With the advent of phenomenology, all normative questions about theistic
claims – for example, the debate about the existence of God – are bracketed or
suspended for the sake of a different and arguably more meaningful set of questions:
Could God be given to consciousness as a phenomenon? What kind of phenomena are
religious experiences? What sort of phenomenological methodology is needed in
order to describe them? In recent years, the question of God has assumed such
important dimensions that Dominique Janicaud writes of a ‘theological turn’ in
phenomenology.
In its existential trajectory, phenomenology, following Kierkegaard and
Levinas, would embrace Pascal’s distinction between the God of the Philosophers and
the God of Abraham, Isaac and Jacob, giving precedence to the latter over the former.
Such a gesture indicates a move away from metaphysics towards a God that surpasses
the old categories of omnipresence, omniscience and omnipotence. Contemporary
French thought (Jean-Luc Marion, Michel Henry and Jean-Louis Chrétien) has
offered us some exemplary cases of such thinking. Marion, in particular, has greatly
contributed to the formation of a non-metaphysical thinking of God. First, by
following Heidegger’s critique of ontotheology by which he freed God from any
ontological burden (God Without Being, 1982); more recently, by recovering the
notion of giveness in Husserl (Being Given, 1997); and finally, by developing his own
insights on the ‘saturated phenomenon’ (In Excess, 2001).
In its hermeneutical trajectory, phenomenology, following Heidegger and
Ricoeur, would exercise both a hermeneutics of suspicion and a hermeneutics of
affirmation. Under the hermeneutical movement one should classify John Caputo
(radical hermeneutics) and Richard Kearney (diacritical hermeneutics).
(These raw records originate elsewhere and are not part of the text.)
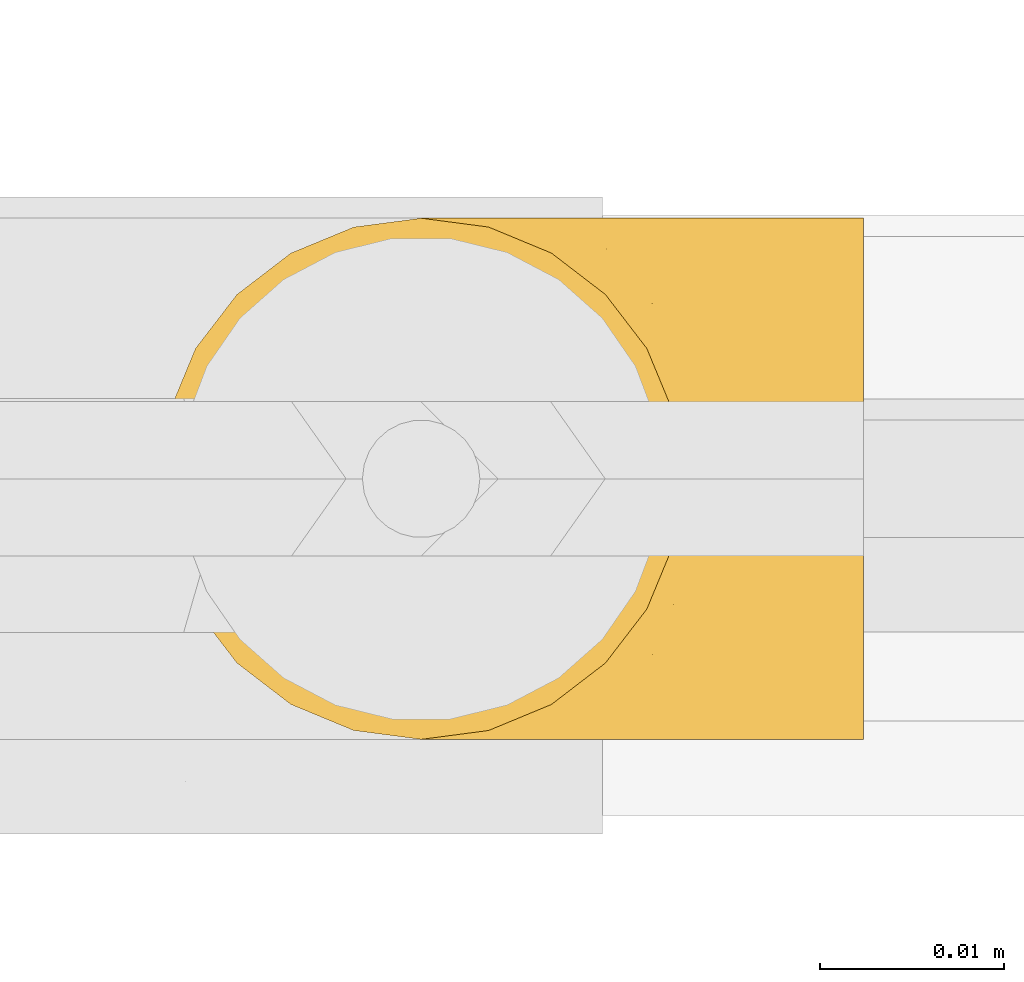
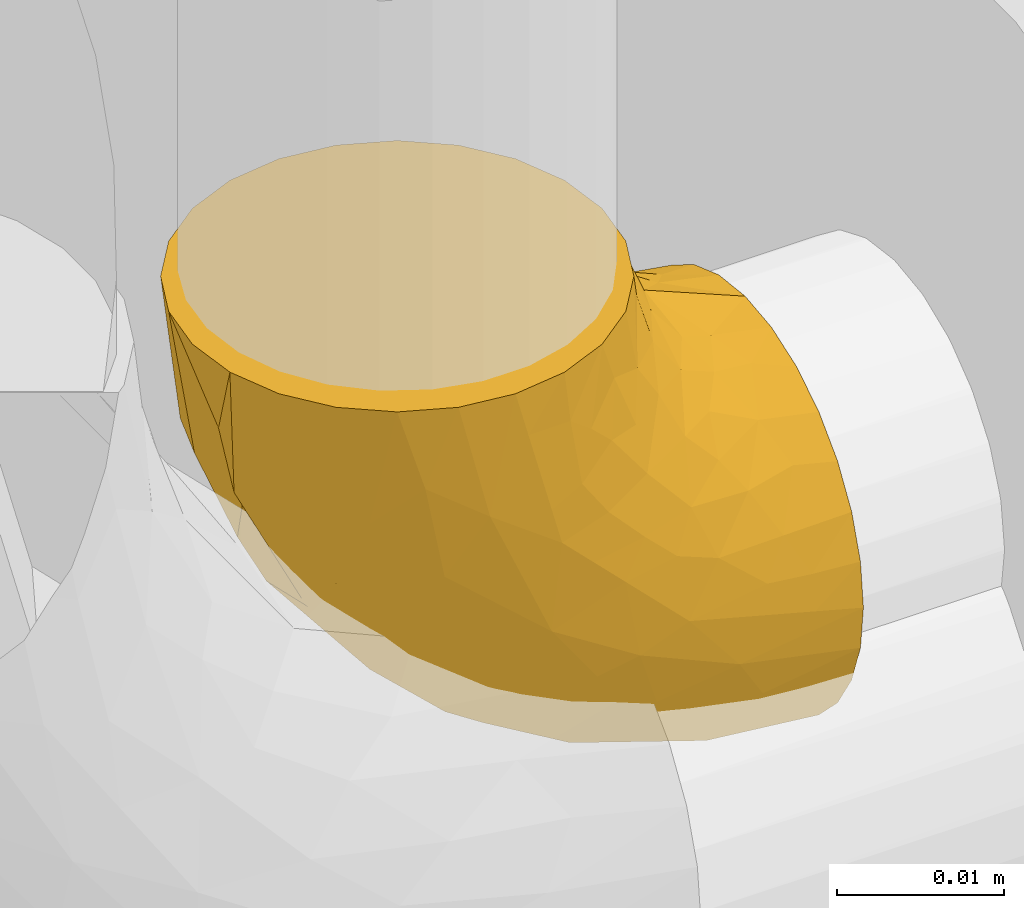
# One storey, part 13 of 32: 1 covering.
"""IFC2X3 building model written with IfcOpenShell, lengths in metres."""

from ifc_helpers import new_model, entity, si_unit, converted_unit, derived_unit, direction, frame, origin, place, context, subcontext, project, spatial, faceted_brep, material, type_object, element, save


model = new_model("IFC2X3")

# Units and contexts
model_context = context("Model", 3, precision=1e-05, world=origin(), true_north=direction((6.123031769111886e-17, 1.0)))
body_context = subcontext(model_context, "Body", "Model", "MODEL_VIEW")
ifc_project = project(units=[si_unit("LENGTHUNIT", "METRE"), si_unit("AREAUNIT", "SQUARE_METRE"), si_unit("VOLUMEUNIT", "CUBIC_METRE"), converted_unit("PLANEANGLEUNIT", "DEGREE", entity("IfcPlaneAngleMeasure", 0.017453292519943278), si_unit("PLANEANGLEUNIT", "RADIAN"), dimensions=[0, 0, 0, 0, 0, 0, 0]), si_unit("MASSUNIT", "GRAM", prefix="KILO"), derived_unit("MASSDENSITYUNIT", [(si_unit("MASSUNIT", "GRAM", prefix="KILO"), 1), (si_unit("LENGTHUNIT", "METRE"), -3)]), derived_unit("IONCONCENTRATIONUNIT", [(si_unit("MASSUNIT", "GRAM", prefix="KILO"), 1), (si_unit("LENGTHUNIT", "METRE"), -3)]), derived_unit("MOMENTOFINERTIAUNIT", [(si_unit("LENGTHUNIT", "METRE"), 4)]), si_unit("TIMEUNIT", "SECOND"), si_unit("FREQUENCYUNIT", "HERTZ"), si_unit("THERMODYNAMICTEMPERATUREUNIT", "DEGREE_CELSIUS"), derived_unit("THERMALTRANSMITTANCEUNIT", [(si_unit("MASSUNIT", "GRAM", prefix="KILO"), 1), (si_unit("THERMODYNAMICTEMPERATUREUNIT", "KELVIN"), -1), (si_unit("TIMEUNIT", "SECOND"), -3)]), derived_unit("THERMALCONDUCTANCEUNIT", [(si_unit("MASSUNIT", "GRAM", prefix="KILO"), 1), (si_unit("THERMODYNAMICTEMPERATUREUNIT", "KELVIN"), -1), (si_unit("TIMEUNIT", "SECOND"), -3), (si_unit("LENGTHUNIT", "METRE"), 1)]), derived_unit("VOLUMETRICFLOWRATEUNIT", [(si_unit("LENGTHUNIT", "METRE", prefix="DECI"), 3), (si_unit("TIMEUNIT", "SECOND"), -1)]), derived_unit("MASSFLOWRATEUNIT", [(si_unit("MASSUNIT", "GRAM", prefix="KILO"), 1), (si_unit("TIMEUNIT", "SECOND"), -1)]), derived_unit("ROTATIONALFREQUENCYUNIT", [(si_unit("TIMEUNIT", "SECOND"), -1)]), si_unit("ELECTRICCURRENTUNIT", "AMPERE"), si_unit("ELECTRICVOLTAGEUNIT", "VOLT"), si_unit("POWERUNIT", "WATT"), si_unit("FORCEUNIT", "NEWTON", prefix="KILO"), si_unit("ILLUMINANCEUNIT", "LUX"), si_unit("LUMINOUSFLUXUNIT", "LUMEN"), si_unit("LUMINOUSINTENSITYUNIT", "CANDELA"), si_unit("ENERGYUNIT", "JOULE"), derived_unit("USERDEFINED", [(si_unit("MASSUNIT", "GRAM", prefix="KILO"), -1), (si_unit("LENGTHUNIT", "METRE"), -2), (si_unit("TIMEUNIT", "SECOND"), 3), (si_unit("LUMINOUSFLUXUNIT", "LUMEN"), 1)]), derived_unit("USERDEFINED", [(si_unit("MASSUNIT", "GRAM", prefix="KILO"), 1), (si_unit("TIMEUNIT", "SECOND"), -3), (si_unit("LENGTHUNIT", "METRE"), 3), (si_unit("ELECTRICCURRENTUNIT", "AMPERE"), -2)]), derived_unit("SOUNDPOWERUNIT", [(si_unit("MASSUNIT", "GRAM", prefix="KILO"), 1), (si_unit("TIMEUNIT", "SECOND"), -3), (si_unit("LENGTHUNIT", "METRE"), 2)]), derived_unit("SOUNDPRESSUREUNIT", [(si_unit("MASSUNIT", "GRAM", prefix="KILO"), 1), (si_unit("LENGTHUNIT", "METRE"), -1), (si_unit("TIMEUNIT", "SECOND"), -2)]), derived_unit("LINEARVELOCITYUNIT", [(si_unit("LENGTHUNIT", "METRE"), 1), (si_unit("TIMEUNIT", "SECOND"), -1)]), si_unit("PRESSUREUNIT", "PASCAL"), derived_unit("USERDEFINED", [(si_unit("MASSUNIT", "GRAM", prefix="KILO"), 1), (si_unit("LENGTHUNIT", "METRE"), -2), (si_unit("TIMEUNIT", "SECOND"), -2)]), derived_unit("LINEARFORCEUNIT", [(si_unit("MASSUNIT", "GRAM", prefix="KILO"), 1), (si_unit("TIMEUNIT", "SECOND"), -2)]), derived_unit("PLANARFORCEUNIT", [(si_unit("MASSUNIT", "GRAM", prefix="KILO"), 1), (si_unit("LENGTHUNIT", "METRE"), -1), (si_unit("TIMEUNIT", "SECOND"), -2)]), derived_unit("SPECIFICHEATCAPACITYUNIT", [(si_unit("THERMODYNAMICTEMPERATUREUNIT", "KELVIN"), -1), (si_unit("LENGTHUNIT", "METRE"), 2), (si_unit("TIMEUNIT", "SECOND"), -2)]), derived_unit("HEATFLUXDENSITYUNIT", [(si_unit("MASSUNIT", "GRAM", prefix="KILO"), 1), (si_unit("TIMEUNIT", "SECOND"), -3)]), derived_unit("HEATINGVALUEUNIT", [(si_unit("LENGTHUNIT", "METRE"), 2), (si_unit("TIMEUNIT", "SECOND"), -2)]), derived_unit("VAPORPERMEABILITYUNIT", [(si_unit("LENGTHUNIT", "METRE"), -1), (si_unit("TIMEUNIT", "SECOND"), 1)]), derived_unit("DYNAMICVISCOSITYUNIT", [(si_unit("MASSUNIT", "GRAM", prefix="KILO"), 1), (si_unit("TIMEUNIT", "SECOND"), -1), (si_unit("LENGTHUNIT", "METRE"), -1)]), derived_unit("THERMALEXPANSIONCOEFFICIENTUNIT", [(si_unit("THERMODYNAMICTEMPERATUREUNIT", "KELVIN"), -1)]), derived_unit("MODULUSOFELASTICITYUNIT", [(si_unit("MASSUNIT", "GRAM", prefix="KILO"), 1), (si_unit("LENGTHUNIT", "METRE"), -1), (si_unit("TIMEUNIT", "SECOND"), -2)]), derived_unit("ISOTHERMALMOISTURECAPACITYUNIT", [(si_unit("MASSUNIT", "GRAM", prefix="KILO"), -1), (si_unit("LENGTHUNIT", "METRE"), 3)]), derived_unit("MOISTUREDIFFUSIVITYUNIT", [(si_unit("TIMEUNIT", "SECOND"), -1), (si_unit("LENGTHUNIT", "METRE"), 2)]), derived_unit("MASSPERLENGTHUNIT", [(si_unit("MASSUNIT", "GRAM", prefix="KILO"), 1), (si_unit("LENGTHUNIT", "METRE"), -1)]), derived_unit("THERMALRESISTANCEUNIT", [(si_unit("MASSUNIT", "GRAM", prefix="KILO"), -1), (si_unit("TIMEUNIT", "SECOND"), 3), (si_unit("THERMODYNAMICTEMPERATUREUNIT", "KELVIN"), 1)]), derived_unit("ACCELERATIONUNIT", [(si_unit("LENGTHUNIT", "METRE"), 1), (si_unit("TIMEUNIT", "SECOND"), -2)]), derived_unit("ANGULARVELOCITYUNIT", [(si_unit("TIMEUNIT", "SECOND"), -1), (si_unit("PLANEANGLEUNIT", "RADIAN"), 1)]), derived_unit("LINEARSTIFFNESSUNIT", [(si_unit("MASSUNIT", "GRAM", prefix="KILO"), 1), (si_unit("TIMEUNIT", "SECOND"), -2)]), derived_unit("WARPINGCONSTANTUNIT", [(si_unit("LENGTHUNIT", "METRE"), 6)]), derived_unit("LINEARMOMENTUNIT", [(si_unit("MASSUNIT", "GRAM", prefix="KILO"), 1), (si_unit("LENGTHUNIT", "METRE"), 1), (si_unit("TIMEUNIT", "SECOND"), -2)]), derived_unit("TORQUEUNIT", [(si_unit("MASSUNIT", "GRAM", prefix="KILO"), 1), (si_unit("LENGTHUNIT", "METRE"), 2), (si_unit("TIMEUNIT", "SECOND"), -2)])], contexts=[model_context])

# Site, building, storey
site_placement = place(None, origin())
site = spatial("IfcSite", under=ifc_project, at=site_placement, Name="Default", CompositionType="ELEMENT")
building_placement = place(site_placement, origin())
building = spatial("IfcBuilding", under=site, at=building_placement, CompositionType="ELEMENT")
storey_placement = place(building_placement, origin())
storey = spatial("IfcBuildingStorey", under=building, at=storey_placement, Name="Niveau 0", CompositionType="ELEMENT", Elevation=-1.949160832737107e-14)

# Covering
ifc_material = material(Name="Matériau du rendu 255-255-255")
covering_type = type_object("IfcCoveringType", Name="Isolation des canalisations:Par défaut", PredefinedType="INSULATION")
covering_placement = place(storey_placement, frame((-14.986716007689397, 1.361257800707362, -0.37430472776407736)))
element("IfcCovering", 1, at=covering_placement, inside=storey, type_object=covering_type, material=ifc_material, Name="Isolation des canalisations:Par défaut", ObjectType="Isolation des canalisations:Par défaut", PredefinedType="INSULATION", context=body_context, shape_type="Brep", body=[
    faceted_brep([(0.03989527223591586, 0.0019516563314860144, -0.028856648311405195), (0.03989527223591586, 0.0030025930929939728, -0.03185866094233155), (0.03989527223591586, 0.00469499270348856, -0.03455099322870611), (0.03989527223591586, 0.006943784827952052, -0.03679892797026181), (0.03989527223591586, 0.009636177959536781, -0.03849001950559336), (0.03989527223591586, 0.012637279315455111, -0.03953966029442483), (0.03989527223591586, 0.01579527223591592, -0.03989527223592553), (0.03989527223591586, 0.018956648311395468, -0.03953888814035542), (0.03989527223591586, 0.02195866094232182, -0.03848795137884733), (0.03989527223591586, 0.02465099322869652, -0.03679555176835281), (0.03989527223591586, 0.02689892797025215, -0.03454675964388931), (0.03989527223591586, 0.0285900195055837, -0.03185436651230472), (0.03989527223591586, 0.029639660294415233, -0.02885326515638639), (0.03989527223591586, 0.02999527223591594, -0.025695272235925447), (0.03989527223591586, 0.029638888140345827, -0.022533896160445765), (0.03989527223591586, 0.028587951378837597, -0.01953188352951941), (0.03989527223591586, 0.02689555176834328, -0.016839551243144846), (0.03989527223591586, 0.02464675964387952, -0.014591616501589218), (0.03989527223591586, 0.02195436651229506, -0.012900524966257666), (0.03989527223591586, 0.018953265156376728, -0.011850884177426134), (0.03989527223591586, 0.01579527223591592, -0.011495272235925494), (0.03989527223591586, 0.012633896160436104, -0.011851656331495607), (0.03989527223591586, 0.009631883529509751, -0.0129025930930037), (0.03989527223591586, 0.0069395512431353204, -0.01459499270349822), (0.03989527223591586, 0.004691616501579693, -0.01684378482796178), (0.03989527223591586, 0.0030005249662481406, -0.019536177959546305), (0.03989527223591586, 0.0019508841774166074, -0.022537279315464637), (0.03989527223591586, 0.0015952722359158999, -0.025695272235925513), (0.029511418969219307, 0.019470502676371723, -0.0015952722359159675), (0.028092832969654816, 0.02289527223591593, -0.0015952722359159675), (0.025836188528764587, 0.025836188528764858, -0.0015952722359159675), (0.02289527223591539, 0.028092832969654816, -0.0015952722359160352), (0.019470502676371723, 0.029511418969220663, -0.0015952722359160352), (0.01579527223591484, 0.02999527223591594, -0.0015952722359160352), (0.012120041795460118, 0.029511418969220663, -0.0015952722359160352), (0.008695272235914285, 0.028092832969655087, -0.0015952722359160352), (0.005754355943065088, 0.025836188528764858, -0.0015952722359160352), (0.0034977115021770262, 0.02289527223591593, -0.0015952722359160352), (0.002079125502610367, 0.019470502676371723, -0.0015952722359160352), (0.0015952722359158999, 0.01579527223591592, -0.0015952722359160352), (0.002079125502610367, 0.012120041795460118, -0.0015952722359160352), (0.0034977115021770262, 0.00869527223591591, -0.0015952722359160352), (0.005754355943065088, 0.005754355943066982, -0.0015952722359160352), (0.008695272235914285, 0.0034977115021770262, -0.0015952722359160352), (0.012120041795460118, 0.002079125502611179, -0.0015952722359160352), (0.01579527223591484, 0.0015952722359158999, -0.0015952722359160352), (0.019470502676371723, 0.002079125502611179, -0.0015952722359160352), (0.02289527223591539, 0.0034977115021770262, -0.0015952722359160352), (0.025836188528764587, 0.005754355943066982, -0.0015952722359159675), (0.028092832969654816, 0.00869527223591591, -0.0015952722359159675), (0.029511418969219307, 0.012120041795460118, -0.0015952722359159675), (0.02999527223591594, 0.01579527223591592, -0.0015952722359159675), (0.03146698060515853, 0.0018566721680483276, -0.02704820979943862), (0.0031203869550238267, 0.013423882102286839, -0.011558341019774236), (0.0034119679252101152, 0.01579527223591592, -0.008375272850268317), (0.005069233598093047, 0.01579527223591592, -0.014560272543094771), (0.011886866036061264, 0.003337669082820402, -0.014682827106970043), (0.00768296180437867, 0.0050496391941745, -0.010357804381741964), (0.010723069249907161, 0.005409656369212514, -0.018634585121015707), (0.024625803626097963, 0.0019283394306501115, -0.024053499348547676), (0.027845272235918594, 0.0015952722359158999, -0.02246648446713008), (0.030629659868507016, 0.011502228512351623, -0.03807237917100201), (0.02392756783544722, 0.009156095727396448, -0.034586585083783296), (0.02345906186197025, 0.012083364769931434, -0.035641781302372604), (0.018688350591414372, 0.002245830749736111, -0.020408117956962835), (0.023434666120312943, 0.0015952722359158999, -0.018055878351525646), (0.007069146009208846, 0.008040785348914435, -0.016364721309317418), (0.003657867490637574, 0.010786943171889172, -0.010797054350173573), (0.007105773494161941, 0.011666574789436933, -0.020172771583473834), (0.010332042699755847, 0.002946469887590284, -0.007491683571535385), (0.014222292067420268, 0.0019132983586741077, -0.010237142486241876), (0.012450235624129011, 0.008787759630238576, -0.025582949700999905), (0.019024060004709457, 0.0015952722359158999, -0.013645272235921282), (0.018308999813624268, 0.0015952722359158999, -0.010976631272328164), (0.017593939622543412, 0.0015952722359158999, -0.00830799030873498), (0.017409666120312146, 0.0015952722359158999, -0.007620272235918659), (0.016694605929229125, 0.0015952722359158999, -0.004951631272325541), (0.02208875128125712, 0.002682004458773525, -0.025175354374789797), (0.015751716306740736, 0.0035716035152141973, -0.021556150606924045), (0.020432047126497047, 0.0038638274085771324, -0.02674252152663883), (0.032926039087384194, 0.004162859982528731, -0.03307723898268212), (0.030551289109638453, 0.006322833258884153, -0.03499160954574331), (0.03305521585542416, 0.008616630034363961, -0.03729777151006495), (0.026930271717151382, 0.01579527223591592, -0.036421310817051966), (0.03354339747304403, 0.0026590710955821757, -0.030395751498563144), (0.026409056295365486, 0.003024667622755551, -0.028738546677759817), (0.004907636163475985, 0.007548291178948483, -0.008485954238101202), (0.03653891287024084, 0.0015952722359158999, -0.024795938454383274), (0.03387027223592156, 0.0015952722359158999, -0.024080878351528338), (0.03318255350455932, 0.0015952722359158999, -0.023896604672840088), (0.03051391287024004, 0.0015952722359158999, -0.023181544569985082), (0.024636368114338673, 0.004997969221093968, -0.031219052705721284), (0.019588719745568, 0.007159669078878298, -0.030558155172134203), (0.03311527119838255, 0.01579527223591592, -0.038078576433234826), (0.01610566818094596, 0.005390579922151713, -0.0255541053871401), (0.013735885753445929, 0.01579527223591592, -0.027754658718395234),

Caputo should
be credited with the revival of continental philosophy of religion in North America.
Besides being the chief exponent of deconstruction’s implications for religion (The
Prayers and Tears of Jacques Derrida, 1997), his thought and a series of conferences
at Villanova and now Syracuse universities have been of tremendous significance in
explicating Derrida’s ‘turn to religion’, represented by a series of works, most notably
‘How to Avoid Speaking’ (1987), ‘Khora’ (1987), Circumfession (1990), The Gift of
Death (1992) and ‘Faith and Reason’ (1992). Caputo’s Radical Hermeneutics (1987)
led him to a novel, post-metaphysical understanding of religion ‘without religion’ (On
Religion, 2001), signaling with this paradox the undecidable mystery of God – ‘an
infinite questionability’ that is, at the same time, ‘endlessly questionable’. Kearney’s
diacritical hermeneutics, on the other hand, attempt to steer a middle path between
Romantic hermeneutics (Schleirmacher) which retrieve and re-appropriate God as
presence and radical hermeneutics (Derrida, Caputo) which elevates alterity to the
status of undecidable sublimity. This debate has already made its mark as one of the
most challenging directions of continental thought.